Specifically, epigenomic modulations reflect genes as DNA and environment interaction, such as stress, isolation, nutritional imbalance, air pollutants, toxic waste, poor water quality, etc., in transcriptomes elaboration, amino acid (AA) and protein synthesis, gene expression and cell synthesis, division and maturation in cellular proliferation. Human’s stress, isolation, anxiety, and depression trigger social signal transduction (SST), resulting in catecholamine elaboration and DNA methylation, which is explained by the DNA as helix transformation into tRNA, mRNA, transcriptomes with the methyl group, CH3 binding with the C-p-G (CH3-C-p-G), as DNA methylation, driven by DNA methylate enzyme as well as the RNA polymerase. The observed methyl-cytosine inhits transcriptomes elaboration, resulting in impaired protein synthesis, gene expression downregulation, and abnormal cellular proliferation, hence malignant neoplasm and other conditions including though not limited to Type II diabetes mellitus (T2DM), hypertension (Htn), major depressive disorder MDD), asthma, cardiovascular disease (CVDs), cerebrovascular disease (stroke), Parkinsonism, Dementia,  etc.  

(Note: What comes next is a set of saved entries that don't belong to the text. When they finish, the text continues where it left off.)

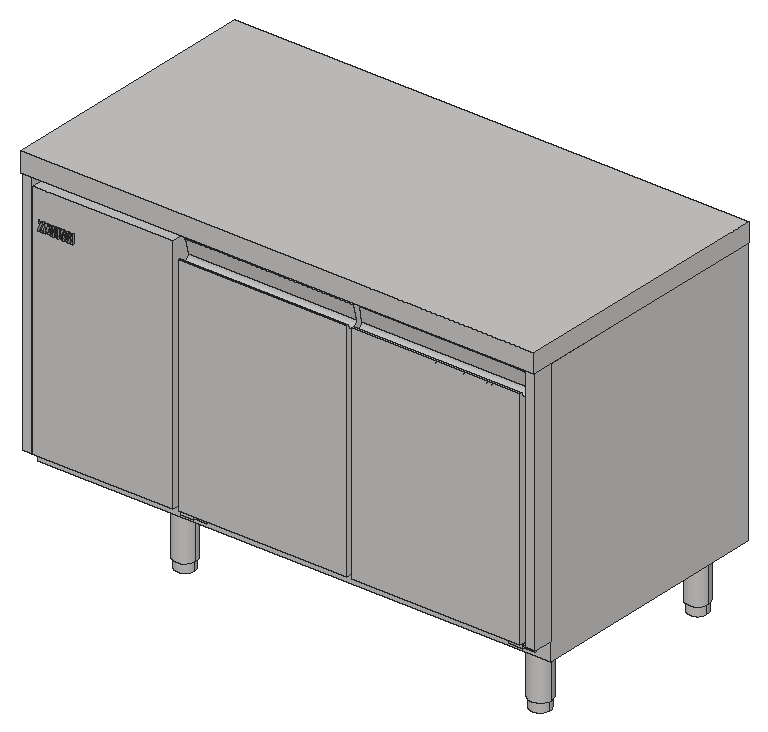
Revit family "QF_ZANUSSI_713060_ZHF2BL", category Attrezzature speciali, Revit 2018 (continued)
Definition of nested family "HPP_ZAN_BI_BT_L"
  Automatic sketch dimensions
    Split face 116 sketch curve to Split face 116 sketch curve = 42 mm
    Split face 116 sketch curve to Extrusion 2 = 48.174 mm
    Split face 116 sketch curve to Split face 116 sketch curve = 4 mm
    Split face 117 sketch curve to Extrusion 2 = 68.044 mm
    Split face 117 sketch curve to Extrusion 2 = 26.044 mm
    Split face 117 sketch curve to Extrusion 2 = 48.174 mm
    Split face 117 sketch curve to Split face 117 sketch curve = 4 mm
    Split face 118 sketch curve to Extrusion 2 = 80.956 mm
    Split face 118 sketch curve to Split face 118 sketch curve = 42 mm
    Split face 118 sketch curve to Extrusion 2 = 48.174 mm
    Split face 118 sketch curve to Split face 118 sketch curve = 4 mm
    Split face 119 sketch curve to Extrusion 2 = 56.174 mm
    Split face 119 sketch curve to Extrusion 2 = 123.044 mm
    Split face 119 sketch curve to Split face 119 sketch curve = 42 mm
    Split face 119 sketch curve to Split face 119 sketch curve = 4 mm
    Split face 120 sketch curve to Extrusion 2 = 25.956 mm
    Split face 120 sketch curve to Split face 120 sketch curve = 42 mm
    Split face 120 sketch curve to Extrusion 2 = 36.174 mm
    Split face 120 sketch curve to Split face 120 sketch curve = 4 mm
    Split face 121 sketch curve to Extrusion 2 = 44.174 mm
    Split face 121 sketch curve to Extrusion 2 = 68.044 mm
    Split face 121 sketch curve to Extrusion 2 = 26.044 mm
    Split face 121 sketch curve to Split face 121 sketch curve = 4 mm
    Split face 122 sketch curve to Extrusion 2 = 44.174 mm
    Split face 122 sketch curve to Extrusion 2 = 80.956 mm
    Split face 122 sketch curve to Split face 122 sketch curve = 42 mm
    Split face 122 sketch curve to Split face 122 sketch curve = 4 mm
    Split face 123 sketch curve to Extrusion 2 = 44.174 mm
    Split face 123 sketch curve to Extrusion 2 = 123.044 mm
    Split face 123 sketch curve to Split face 123 sketch curve = 42 mm
    Split face 123 sketch curve to Split face 123 sketch curve = 4 mm
    Split face 124 sketch curve to Extrusion 2 = 25.956 mm
    Split face 124 sketch curve to Split face 124 sketch curve = 42 mm
    Split face 124 sketch curve to Extrusion 2 = 24.174 mm
    Split face 124 sketch curve to Split face 124 sketch curve = 4 mm
    Split face 125 sketch curve to Extrusion 2 = 32.174 mm
    Split face 125 sketch curve to Extrusion 2 = 68.044 mm
    Split face 125 sketch curve to Extrusion 2 = 26.044 mm
    Split face 125 sketch curve to Split face 125 sketch curve = 4 mm
    Split face 126 sketch curve to Extrusion 2 = 32.174 mm
    Split face 126 sketch curve to Extrusion 2 = 80.956 mm
    Split face 126 sketch curve to Split face 126 sketch curve = 42 mm
    Split face 126 sketch curve to Split face 126 sketch curve = 4 mm
    Split face 127 sketch curve to Extrusion 2 = 32.174 mm
    Split face 127 sketch curve to Extrusion 2 = 123.044 mm
    Split face 127 sketch curve to Split face 127 sketch curve = 42 mm
    Split face 127 sketch curve to Split face 127 sketch curve = 4 mm
    Split face 128 sketch curve to Extrusion 2 = 25.956 mm
    Split face 128 sketch curve to Extrusion 2 = 16.174 mm
    Split face 128 sketch curve to Split face 128 sketch curve = 42 mm
    Split face 128 sketch curve to Split face 128 sketch curve = 4 mm
    Split face 129 sketch curve to Extrusion 2 = 20.174 mm
    Split face 129 sketch curve to Extrusion 2 = 68.044 mm
    Split face 129 sketch curve to Extrusion 2 = 26.044 mm
    Split face 129 sketch curve to Split face 129 sketch curve = 4 mm
    Split face 130 sketch curve to Extrusion 2 = 20.174 mm
    Split face 130 sketch curve to Extrusion 2 = 80.956 mm
    Split face 130 sketch curve to Extrusion 2 = 16.174 mm
    Split face 130 sketch curve to Split face 130 sketch curve = 42 mm
    Split face 131 sketch curve to Extrusion 2 = 20.174 mm
    Split face 131 sketch curve to Extrusion 2 = 123.044 mm
    Split face 131 sketch curve to Extrusion 2 = 16.174 mm
    Split face 131 sketch curve to Split face 131 sketch curve = 42 mm
    plane 4 to Extrusion 3 sketch curve = 17.166 mm
    Extrusion 3 sketch curve to Extrusion 3 sketch curve = 0.562 mm
    Extrusion 3 sketch curve to Extrusion 3 sketch curve = 5.406 mm
    Extrusion 3 sketch curve to Extrusion 3 sketch curve = 6.457 mm
    Extrusion 3 sketch curve to Extrusion 3 sketch curve = 5.755 mm
    Extrusion 3 sketch curve to Extrusion 3 sketch curve = 7.368 mm
    Extrusion 3 sketch curve to Extrusion 3 sketch curve = 0.734 mm
    Extrusion 3 sketch curve to Extrusion 3 sketch curve = 5.086 mm
    Extrusion 3 sketch curve to Extrusion 3 sketch curve = 5.054 mm
    Extrusion 3 sketch curve to Extrusion 3 sketch curve = 0.702 mm  (x4)
    Extrusion 3 sketch curve to Extrusion 3 sketch curve = 0.561 mm
    Extrusion 3 sketch curve to Extrusion 3 sketch curve = 3.369 mm  (x2)
    Extrusion 3 sketch curve to Extrusion 3 sketch curve = 2.807 mm
    Extrusion 3 sketch curve to Extrusion 3 sketch curve = 4.071 mm  (x2)
    Extrusion 3 sketch curve to Extrusion 3 sketch curve = 5.053 mm
    Extrusion 3 sketch curve to Extrusion 3 sketch curve = 5.114 mm
    Extrusion 3 sketch curve to Extrusion 3 sketch curve = 4.352 mm  (x2)
    Extrusion 3 sketch curve to Extrusion 3 sketch curve = 5.194 mm
    Extrusion 3 sketch curve to Extrusion 3 sketch curve = 4.913 mm  (x6)
    Extrusion 3 sketch curve to Extrusion 3 sketch curve = 5.334 mm
    Extrusion 3 sketch curve to Extrusion 3 sketch curve = 1.123 mm
    Extrusion 3 sketch curve to Extrusion 3 sketch curve = 1.444 mm
    Extrusion 3 sketch curve to Extrusion 3 sketch curve = 0.094 mm
    Extrusion 3 sketch curve to Extrusion 3 sketch curve = 2.948 mm
    Extrusion 3 sketch curve to Extrusion 3 sketch curve = 1.825 mm
    Extrusion 3 sketch curve to Extrusion 3 sketch curve = 3.004 mm
    Extrusion 3 sketch curve to Extrusion 3 sketch curve = 4.058 mm  (x2)
    Extrusion 3 sketch curve to Extrusion 3 sketch curve = 2.478 mm  (x2)
    Extrusion 3 sketch curve to Extrusion 3 sketch curve = 0.121 mm  (x4)
    Extrusion 3 sketch curve to Extrusion 3 sketch curve = 1.228 mm  (x2)
    Extrusion 3 sketch curve to Extrusion 3 sketch curve = 2.118 mm  (x2)
    Extrusion 3 sketch curve to Extrusion 3 sketch curve = 1.578 mm  (x2)
    Extrusion 3 sketch curve to Extrusion 3 sketch curve = 0.128 mm  (x2)
    Extrusion 3 sketch curve to Extrusion 3 sketch curve = 0.564 mm  (x2)
    Extrusion 3 sketch curve to Extrusion 3 sketch curve = 0.622 mm  (x2)
    Extrusion 3 sketch curve to Extrusion 3 sketch curve = 0.31 mm  (x2)
    Extrusion 3 sketch curve to Extrusion 3 sketch curve = 1.171 mm  (x2)
    Extrusion 3 sketch curve to Extrusion 3 sketch curve = 0.512 mm  (x2)
    Extrusion 3 sketch curve to Extrusion 3 sketch curve = 0.123 mm  (x2)
    Extrusion 3 sketch curve to Extrusion 3 sketch curve = 0.02 mm  (x2)
    Extrusion 3 sketch curve to Extrusion 3 sketch curve = 1.774 mm  (x2)
    Extrusion 3 sketch curve to Extrusion 3 sketch curve = 1.52 mm
    Extrusion 3 sketch curve to Extrusion 3 sketch curve = 1.351 mm
    Extrusion 3 sketch curve to Extrusion 3 sketch curve = 4.632 mm  (x3)
    Extrusion 3 sketch curve to Extrusion 3 sketch curve = 0.076 mm  (x2)
    Extrusion 3 sketch curve to Extrusion 3 sketch curve = 3.79 mm
    Extrusion 3 sketch curve to Extrusion 3 sketch curve = 0.099 mm
    Extrusion 3 sketch curve to Extrusion 3 sketch curve = 1.668 mm
    Extrusion 3 sketch curve to Extrusion 3 sketch curve = 2.203 mm
    Extrusion 3 sketch curve to Extrusion 3 sketch curve = 2.87 mm
    Extrusion 3 sketch curve to Extrusion 3 sketch curve = 0.944 mm
    Extrusion 3 sketch curve to Extrusion 3 sketch curve = 5.408 mm
    Extrusion 3 sketch curve to Extrusion 3 sketch curve = 0.724 mm
    Extrusion 3 sketch curve to plane 6 = 98.623 mm
    Extrusion 3 sketch curve to Extrusion 3 sketch curve = 0 mm  (x13)
    Extrusion 3 sketch curve to Extrusion 3 sketch curve = 3.713 mm
    Extrusion 3 sketch curve to Extrusion 3 sketch curve = 1.341 mm
    Extrusion 3 sketch curve to Extrusion 3 sketch curve = 0.181 mm
    Extrusion 3 sketch curve to Extrusion 3 sketch curve = 2.372 mm  (x2)
    Extrusion 3 sketch curve to Extrusion 3 sketch curve = 0.043 mm  (x2)
    Extrusion 3 sketch curve to Extrusion 3 sketch curve = 0.08 mm  (x2)
    Extrusion 3 sketch curve to Extrusion 3 sketch curve = 6.582 mm
    Extrusion 3 sketch curve to Extrusion 3 sketch curve = 2.869 mm
    Extrusion 3 sketch curve to Extrusion 3 sketch curve = 0.739 mm  (x2)
    Extrusion 3 sketch curve to Extrusion 3 sketch curve = 1.344 mm  (x2)
    Extrusion 3 sketch curve to Extrusion 3 sketch curve = 0.997 mm
    Extrusion 3 sketch curve to Extrusion 3 sketch curve = 1.644 mm
    Extrusion 3 sketch curve to Extrusion 3 sketch curve = 1.841 mm
    Extrusion 3 sketch curve to Extrusion 3 sketch curve = 0.915 mm
    Extrusion 3 sketch curve to Extrusion 3 sketch curve = 2.767 mm
    Extrusion 3 sketch curve to Extrusion 3 sketch curve = 1.036 mm  (x2)
    Extrusion 3 sketch curve to Extrusion 3 sketch curve = 1.835 mm  (x2)
    Extrusion 3 sketch curve to Extrusion 3 sketch curve = 3.155 mm
    Extrusion 3 sketch curve to Extrusion 3 sketch curve = 4.449 mm
    Extrusion 3 sketch curve to Extrusion 3 sketch curve = 7.159 mm
    Extrusion 3 sketch curve to Extrusion 3 sketch curve = 4.846 mm  (x2)
    Extrusion 3 sketch curve to Extrusion 3 sketch curve = 5.13 mm
    Extrusion 3 sketch curve to Extrusion 3 sketch curve = 0.393 mm  (x2)
    Extrusion 3 sketch curve to Extrusion 3 sketch curve = 1.409 mm  (x2)
    Extrusion 3 sketch curve to Extrusion 3 sketch curve = 2.182 mm  (x2)
    Extrusion 3 sketch curve to Extrusion 3 sketch curve = 0.905 mm  (x2)
    Extrusion 3 sketch curve to Extrusion 3 sketch curve = 1.201 mm  (x2)
    Extrusion 3 sketch curve to Extrusion 3 sketch curve = 0.022 mm  (x2)
    Extrusion 3 sketch curve to Extrusion 3 sketch curve = 0.182 mm  (x2)
    Extrusion 3 sketch curve to Extrusion 3 sketch curve = 14.599 mm
    Extrusion 3 sketch curve to Extrusion 3 sketch curve = 0.14 mm
    Extrusion 3 sketch curve to Extrusion 3 sketch curve = 10.917 mm
    Extrusion 3 sketch curve to Extrusion 3 sketch curve = 0.281 mm
    Extrusion 3 sketch curve to Extrusion 3 sketch curve = 0.45 mm  (x2)
    Extrusion 3 sketch curve to Extrusion 3 sketch curve = 8.142 mm
    Extrusion 3 sketch curve to Extrusion 3 sketch curve = 4.492 mm
    Extrusion 3 sketch curve to Extrusion 3 sketch curve = 0.593 mm
    Extrusion 3 sketch curve to Extrusion 3 sketch curve = 4.345 mm
    Extrusion 3 sketch curve to Extrusion 3 sketch curve = 0.9 mm  (x2)
    Extrusion 3 sketch curve to Extrusion 3 sketch curve = 3.017 mm
    Extrusion 3 sketch curve to Extrusion 3 sketch curve = 0.952 mm  (x2)
    Extrusion 3 sketch curve to Extrusion 3 sketch curve = 1.658 mm
    Extrusion 3 sketch curve to Extrusion 3 sketch curve = 1.516 mm
    Split face 132 sketch curve to Extrusion 2 = 44.591 mm
    Split face 132 sketch curve to Extrusion 2 = 79.124 mm
    Split face 132 sketch curve to Split face 132 sketch curve = 36.471 mm
    Split face 132 sketch curve to Split face 132 sketch curve = 29.3 mm
    Split face 132 sketch curve to Split face 132 sketch curve = 19.479 mm
    Split face 132 sketch curve to Split face 132 sketch curve = 15.459 mm
    Split face 132 sketch curve to Split face 132 sketch curve = 0 mm
    Split face 132 sketch curve to Split face 132 sketch curve = 17.186 mm
    Split face 133 sketch curve to Extrusion 2 = 49.463 mm
    Split face 133 sketch curve to Extrusion 2 = 79.643 mm
    Split face 133 sketch curve to Split face 133 sketch curve = 36.278 mm
    Split face 133 sketch curve to Split face 133 sketch curve = 25.875 mm
    Split face 133 sketch curve to Split face 133 sketch curve = 7.776 mm
    Split face 133 sketch curve to Split face 133 sketch curve = 17.461 mm
    Split face 133 sketch curve to Split face 133 sketch curve = 0 mm
    Split face 133 sketch curve to Split face 133 sketch curve = 18.204 mm
    Split face 134 sketch curve to Extrusion 2 = 55.5 mm
    Split face 134 sketch curve to Split face 134 sketch curve = 7.5 mm  (x2)
    Split face 134 sketch curve to Extrusion 2 = 85.5 mm
    Split face 135 sketch curve to Extrusion 2 = 65 mm
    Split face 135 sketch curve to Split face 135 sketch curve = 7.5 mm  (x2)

Epigenomic public health (EPH) is a novel trajectory in the application of normal epigenomic modulations in disease understanding, as well as the utilization of abnormal epigenomic modulations knowledge in disease causation, control and prevention. With patients presenting with wheezing, shortness of breath, and coughing as the chief complaint, history taking remains vital as well as system review. These clinical features reflect malignancy, which requires confirmation with laboratory data/information. However, there are a number of cancer subtypes that present with different clinical manifestations and different responses to treatment and preventive measures, such as prostate cancer, ALL, AML, retinoblastoma, lymphoma, bronchial carcinoma, cervical carcinoma, breast cancer,  etc.

 With respect to epigenomic public health, the specific gene involved in prostate cancer requires epigenomic modulation via laboratory assessment, such as DNA methylation and histone modification through methylation, acetylation, or phosphorylation. Upon this aberrant epigenomic modulation and inverse gene expression of a specific gene, protein synthesis as certain drug receptors marginalizes, resulting in impaired drug response, poor disease outcome, and mortality. Since < 6.0% of the clinical condition is driven by genomic aberration, as abnormal DNA sequencing, DNA sequence (gene), and environment interaction predispose to multiple disease causation, such as malignant neoplasm (cancer) prostate, breast, lymphoma, bronchial, brain/CNS, ependymoma, hypertension, T2DM, obesity, CVAs, CVDs, asthma, there is a need for epigenomic public health initiative. This approach implies the understanding of drug transcriptome as drug receptors, protein synthesis, and normal cell proliferation, and the application of induction therapy in enhancing health improvement, hence epigenomic public health trajectory. Since gene expression enhances protein synthesis, this process facilitates drug receptors, indicative of drug response and improved therapeutics.